I just had a client of mine trade in his 2020 Sierra 1500 AT4 with 45,000 kms (realtor, drives a lot) for a brand new fully loaded 2021 AT4 and he paid $1,100 out of pocket for the whole transaction.

----------


## Darkane

> People cruise around with their arm out the window?



Oh yeah. And you do too, you Gen X’er!! 

Nothing is hotter than cruising around in an Iroc with the T-tops off.

----------


## dirtsniffer

Maybe a trans am?

----------


## tcon

So manufacturers aren't increasing prices, it's just lack of stock? I'd like to sell my truck or trade it in for a new model with a nice fresh warranty, looks like I can get really close to what I paid, just a matter of timing it right

----------


## ExtraSlow

Check availibility of the new vehicle before you get rid of the old one, or you'll be walking . . .

----------


## Pauly Boy

> Still can’t see out of the bloody thing lol. When I went to check them out for real, the interior killed it for me. Ded. 
> 
> With the window down and arm on the sill, it felt like I was reaching up to the top cupboard - and I’m tall. A normal 5’10” person couldn’t even cruise with their arm on the sill. 
> 
> Stupid little things like that killed the car.



So much this. The entire bloody thing is a blind spot, lol.

----------


## Toms-SC

> The dealer told me I likely wouldn't see my build until the end of the year, if not Into next year pushing it from a 21' to a 22' build date. I cancelled all together. 
> 
> I actually saw a Mach1 yesterday at Marlborough ford. What a beefy looking car. Only thing missing was the recaro package seats. At least it'll be more reliable than the GT350 engines.



Welp, the factory order was just bumped out by an additional two weeks. 

Alberta has a handfull of Mach 1s on-lot. It could be a summer fling for ya?

----------


## M.alex

> The dealer told me I likely wouldn't see my build until the end of the year, if not Into next year pushing it from a 21' to a 22' build date. I cancelled all together. 
> 
> I actually saw a Mach1 yesterday at Marlborough ford. What a beefy looking car. Only thing missing was the recaro package seats. At least it'll be more reliable than the GT350 engines.



You want to buy my 04 cobra ... it's only got 300k kms on it? $60k.

----------


## shakalaka

Is this crazy market crazy for everything or just pickups specifically? I put my ZR2 on Kijiji for fun to see if someone wanted to do a lease takeover and people are offering to buy it outright for prices over my owing amount on the ZR2 right now. This is quite tempting...though I just don't know what I would replace it with.

----------


## killramos

Debt is almost free right now and the government has been throwing cash money at people.

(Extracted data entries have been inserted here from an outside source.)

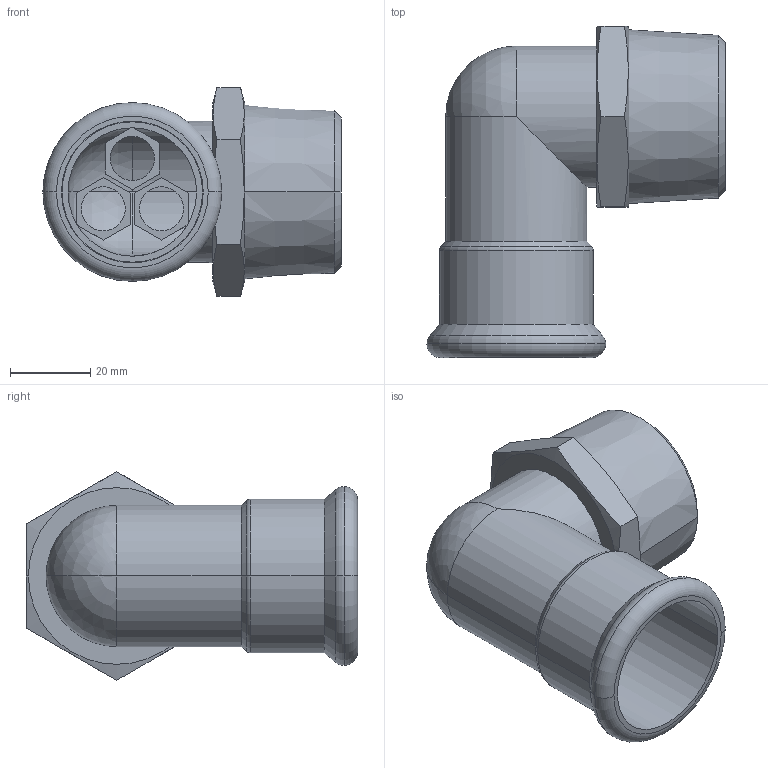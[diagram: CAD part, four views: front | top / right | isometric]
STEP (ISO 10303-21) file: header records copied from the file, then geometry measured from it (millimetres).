
FILE_DESCRIPTION(('OneSpaceDesigner STEP Export'),'2;1');
FILE_NAME('R2728 35xR1-1-4.stp','2010-06-10T13:22:34',(''),(''),'OneSpace Designer STEP processor for AP214 (Solid Model)','OneSpace Modeling 15.00A 14-Mar-2007 (C) CoCreate Software GmbH','');
FILE_SCHEMA(('AUTOMOTIVE_DESIGN { 1 0 10303 214 1 1 1 1 }'));
Length unit declared in the file: millimetre
Products named in the file (2): R2728_35xR1-1-4
Assembly tree (1 placements, depth 2):
  R2728_35xR1-1-4
    R2728_35xR1-1-4
Bounding box: 74.28 x 82.5 x 51.96 mm (x, y, z)
Volume: 36357.3 mm3; surface area: 28870.5 mm2
Topology: 1 solids, 1 shells, 123 faces, 314 edges, 200 vertices
Faces by surface type: plane 67, cylinder 34, cone 12, torus 6, sphere 4
Entity records: 4135 total; most frequent: CARTESIAN_POINT 1379, ORIENTED_EDGE 620, DIRECTION 474, EDGE_CURVE 310, VERTEX_POINT 200, VECTOR 184, LINE 184, EDGE_LOOP 148

People are hoarding everything.

----------


## Twin_Cam_Turbo

> Is this crazy market crazy for everything or just pickups specifically? I put my ZR2 on Kijiji for fun to see if someone wanted to do a lease takeover and people are offering to buy it outright for prices over my owing amount on the ZR2 right now. This is quite tempting...though I just don't know what I would replace it with.



Oh that was you.

----------


## shakalaka

^Were you one of the messages? I've literally gotten 9 responses since last night, including offers of outright purchase for more than what I owe. It's insane.

----------


## Twin_Cam_Turbo

> ^Were you one of the messages? I've literally gotten 9 responses since last night, including offers of outright purchase for more than what I owe. It's insane.



No but I want to buy a ZR2 for myself, I saw your ad go up.

----------


## ExtraSlow

How are you so shocked to not be upside down?

----------


## killramos

> How are you so shocked to not be upside down?



I thought he always makes money flipping cars?

----------


## shakalaka

.

- - - Updated - - -




> How are you so shocked to not be upside down?






> I thought he always makes money flipping cars?




Why don't you guys just rep each other and not worry about what my moolah?

I don't think it should be too surprising to think that someone might find it odd that they can make money on a vehicle after keeping it for 8 months and driving 13K km's.

----------


## killramos

Don’t worry. None of us find it odd.

----------


## suntan

Sold my Fiesta. That was way faster than what I was expecting.

----------


## Shlade

Well I managed to find something I've been looking for. The dealership didn't want to sell it to me originally... Dealer manager wanted it as his demo model and they aren't scheduled to get anymore until June sometime. After a little bit of patience they did the right thing. 

Time to give it the full off-road treatment.

----------


## mrsingh

> Well I managed to find something I've been looking for. The dealership didn't want to sell it to me originally... Dealer manager wanted it as his demo model and they aren't scheduled to get anymore until June sometime. After a little bit of patience they did the right thing. 
> 
> Time to give it the full off-road treatment.



Really love these 4Runner's, great choice!

----------


## shakalaka

> Well I managed to find something I've been looking for. The dealership didn't want to sell it to me originally... Dealer manager wanted it as his demo model and they aren't scheduled to get anymore until June sometime. After a little bit of patience they did the right thing. 
> 
> Time to give it the full off-road treatment.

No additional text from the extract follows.